First of all, you must enable the kernel crash dump mechanism at the kernel level. I will not go in details as it is slightly off topic but you should :

  1. Add crashkernel=128M to /etc/default/grub in GRUB_CMDLINE_LINUX_DEFAULT
  2. Run udpate-grub
  3. reboot

Install the beta packages

The package in the PPA can be installed on Debian with add-apt-repository. This command is in the software-properties-common package so you will have to install it first :

$ apt-get install software-properties-common
$ add-apt-repository ppa:louis-bouchard/networked-kdump

Since you are on Debian, the result of the last command will be wrong, as the serie defined in the PPA is for Utopic. Just use the following command to fix that :

$ sed -i -e 's/sid/utopic/g' /etc/apt/sources.list.d/louis-bouchard-networked-kdump-sid.list 
$ apt-get update
$ apt-get install kdump-tools makedumpfile

Configure kdump-tools for remote SSH capture

Edit the file /etc/default/kdump-tools and enable the kdump mechanism by setting USE_KDUMP to 1 . Then set the SSH variable to the remote hostname & credentials that you want to use to send the kernel crash dump. Here is an example :

USE_KDUMP=1
...
SSH="ubuntu@TrustyS-netcrash"

You will need to propagate the ssh key to the remote SSH host, so make sure that you have the password of the remote server’s user you defined (ubuntu in my case) for this command :

root@sid:~# kdump-config propagate
Need to generate a new ssh key...
The authenticity of host 'trustys-netcrash (192.168.122.70)' can't be established.
ECDSA key fingerprint is 04:eb:54:de:20:7f:e4:6a:cc:66:77:d0:7c:3b:90:7c.
Are you sure you want to continue connecting (yes/no)? yes
ubuntu@trustys-netcrash's password: 
propagated ssh key /root/.ssh/kdump_id_rsa to server ubuntu@TrustyS-netcrash

If you have an existing ssh key that you want to use, you can use the SSH_KEY option to point to your own key in /etc/default/kdump-tools :

SSH_KEY="/root/.ssh/mykey_id_rsa"

Then run the propagate command as previously :

root@sid:~/.ssh# kdump-config propagate
Using existing key /root/.ssh/mykey_id_rsa
ubuntu@trustys-netcrash's password: 
propagated ssh key /root/.ssh/mykey_id_rsa to server ubuntu@TrustyS-netcrash

It is a safe practice to verify that the remote SSH host can be accessed without password. You can use the following command to test (with your own remote server as defined in the SSH variable in /etc/default/kdump-tools) :

root@sid:~/.ssh# ssh -i /root/.ssh/mykey_id_rsa ubuntu@TrustyS-netcrash pwd
/home/ubuntu

If the passwordless connection can be achieved, then everything should be all set. You can proceed with a real crash dump test if your setup allows for it (not a production environment for instance).

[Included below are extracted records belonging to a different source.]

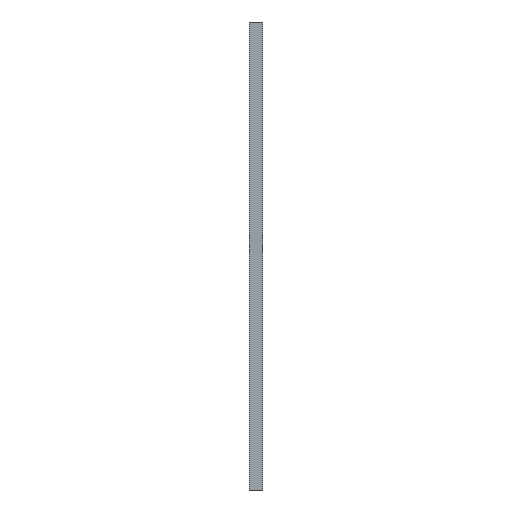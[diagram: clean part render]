
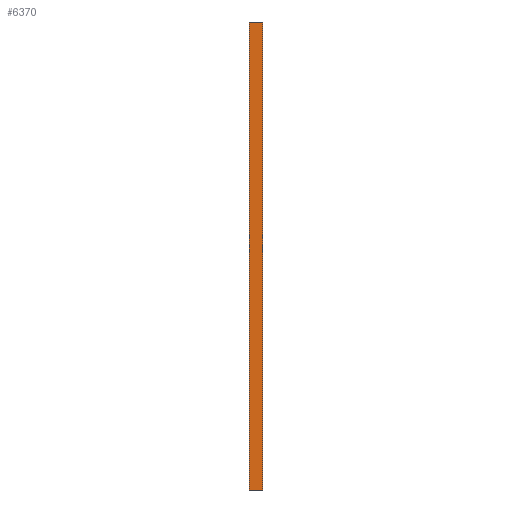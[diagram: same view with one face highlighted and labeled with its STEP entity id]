
A CAD part, left-side view. The second image highlights one B-rep face of the part: STEP entity #6370.
In plain terms, the highlighted planar face has unit normal (-1, 0, 0).
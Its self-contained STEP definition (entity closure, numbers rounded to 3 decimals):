
#672 = VECTOR ( 'NONE', #5259, 1000. ) ;
#1367 = VECTOR ( 'NONE', #12835, 1000. ) ;
#1379 = VERTEX_POINT ( 'NONE', #2222 ) ;
#1985 = DIRECTION ( 'NONE',  ( 0., -1., 0. ) ) ;
#2222 = CARTESIAN_POINT ( 'NONE',  ( -225., 0., -225. ) ) ;
#2404 = DIRECTION ( 'NONE',  ( 0., -1., 0. ) ) ;
#2603 = CARTESIAN_POINT ( 'NONE',  ( -225., 13., -225. ) ) ;
#5259 = DIRECTION ( 'NONE',  ( 0., 0., 1. ) ) ;
#6115 = EDGE_CURVE ( 'NONE', #1379, #20461, #17025, .T. ) ;
#6370 = ADVANCED_FACE ( 'NONE', ( #26797 ), #7672, .F. ) ;
#7158 = CARTESIAN_POINT ( 'NONE',  ( -225., 13., 225. ) ) ;
#7672 = PLANE ( 'NONE',  #26375 ) ;
#7952 = CARTESIAN_POINT ( 'NONE',  ( -225., 13., -225. ) ) ;
#11399 = LINE ( 'NONE', #2603, #672 ) ;
#11630 = VERTEX_POINT ( 'NONE', #12177 ) ;
#12177 = CARTESIAN_POINT ( 'NONE',  ( -225., 13., -225. ) ) ;
#12373 = EDGE_CURVE ( 'NONE', #11630, #20295, #11399, .T. ) ;
#12835 = DIRECTION ( 'NONE',  ( 0., 0., 1. ) ) ;
#13251 = EDGE_CURVE ( 'NONE', #20295, #20461, #26282, .T. ) ;
#13653 = VECTOR ( 'NONE', #2404, 1000. ) ;
#14925 = CARTESIAN_POINT ( 'NONE',  ( -225., 0., -225. ) ) ;
#16449 = DIRECTION ( 'NONE',  ( 1., 0., 0. ) ) ;
#17025 = LINE ( 'NONE', #14925, #1367 ) ;
#18122 = CARTESIAN_POINT ( 'NONE',  ( -225., 13., 225. ) ) ;
#20295 = VERTEX_POINT ( 'NONE', #18122 ) ;
#20461 = VERTEX_POINT ( 'NONE', #25095 ) ;
#21111 = CARTESIAN_POINT ( 'NONE',  ( -225., 13., -225. ) ) ;
#21243 = ORIENTED_EDGE ( 'NONE', *, *, #6115, .T. ) ;
#22696 = ORIENTED_EDGE ( 'NONE', *, *, #13251, .F. ) ;
#23211 = LINE ( 'NONE', #21111, #27482 ) ;
#23381 = EDGE_LOOP ( 'NONE', ( #21243, #22696, #27383, #24247 ) ) ;
#24247 = ORIENTED_EDGE ( 'NONE', *, *, #25435, .T. ) ;
#24981 = DIRECTION ( 'NONE',  ( 0., 0., -1. ) ) ;
#25095 = CARTESIAN_POINT ( 'NONE',  ( -225., 0., 225. ) ) ;
#25435 = EDGE_CURVE ( 'NONE', #11630, #1379, #23211, .T. ) ;
#26282 = LINE ( 'NONE', #7158, #13653 ) ;
#26375 = AXIS2_PLACEMENT_3D ( 'NONE', #7952, #16449, #24981 ) ;
#26797 = FACE_OUTER_BOUND ( 'NONE', #23381, .T. ) ;
#27383 = ORIENTED_EDGE ( 'NONE', *, *, #12373, .F. ) ;
#27482 = VECTOR ( 'NONE', #1985, 1000. ) ;

Configure kdump-tools for remote NFS capture

Edit the /etc/default/kdump-tools file and set the NFS variable with the NFS mount point that will be used to transfer the crash dump :

NFS="TrustyS-netcrash:/var/crash"

The format needs to be the syntax that normally would be used to mount the NFS filesystem. You should test that your NFS filesystem is indeed accessible by mounting it manually :

root@sid:~/.ssh# mount -t nfs TrustyS-netcrash:/var/crash /mnt
root@sid:~/.ssh# df /mnt
Filesystem 1K-blocks Used Available Use% Mounted on
TrustyS-netcrash:/var/crash 6815488 1167360 5278848 19% /mnt
root@sid:~/.ssh# umount /mnt

Once you are sure that your NFS setup is correct, then you can proceed with a real crash dump test.

Testing on Ubuntu

As you would expect, setting things on Ubuntu is quite similar to Debian.

Install the beta packages

The package in the PPA can be installed on Debian with add-apt-repository. This command is in the software-properties-common package so you will have to install it first :

$ sudo add-apt-repository ppa:louis-bouchard/networked-kdump

Packages are available for Trusty and Utopic.

$ sudo apt-get update
$ sudo apt-get -y install linux-crashdump

Configure kdump-tools for remote SSH capture

Edit the file /etc/default/kdump-tools and enable the kdump mechanism by setting USE_KDUMP to 1 . Then set the SSH variable to the remote hostname & credentials that you want to use to send the kernel crash dump. Here is an example :

USE_KDUMP=1
...
SSH="ubuntu@TrustyS-netcrash"

You will need to propagate the ssh key to the remote SSH host, so make sure that you have the password of the remote server’s user you defined (ubuntu in my case) for this command :

ubuntu@TrustyS-testdump:~$ sudo kdump-config propagate
[sudo] password for ubuntu: 
Need to generate a new ssh key...
The authenticity of host 'trustys-netcrash (192.168.122.70)' can't be established.
ECDSA key fingerprint is 04:eb:54:de:20:7f:e4:6a:cc:66:77:d0:7c:3b:90:7c.
Are you sure you want to continue connecting (yes/no)? yes
ubuntu@trustys-netcrash's password: 
propagated ssh key /root/.ssh/kdump_id_rsa to server ubuntu@TrustyS-netcrash
ubuntu@TrustyS-testdump:~$
If you have an existing ssh key that you want to use, you can use the SSH_KEY option to point to your own key in /etc/default/kdump-tools :
SSH_KEY="/root/.ssh/mykey_id_rsa"

Then run the propagate command as previously :

ubuntu@TrustyS-testdump:~$ kdump-config propagate
Using existing key /root/.ssh/mykey_id_rsa
ubuntu@trustys-netcrash's password: 
propagated ssh key /root/.ssh/mykey_id_rsa to server ubuntu@TrustyS-netcrash

It is a safe practice to verify that the remote SSH host can be accessed without password. You can use the following command to test (with your own remote server as defined in the SSH variable in /etc/default/kdump-tools) :

ubuntu@TrustyS-testdump:~$sudo ssh -i /root/.ssh/mykey_id_rsa ubuntu@TrustyS-netcrash pwd
/home/ubuntu

If the passwordless connection can be achieved, then everything should be all set.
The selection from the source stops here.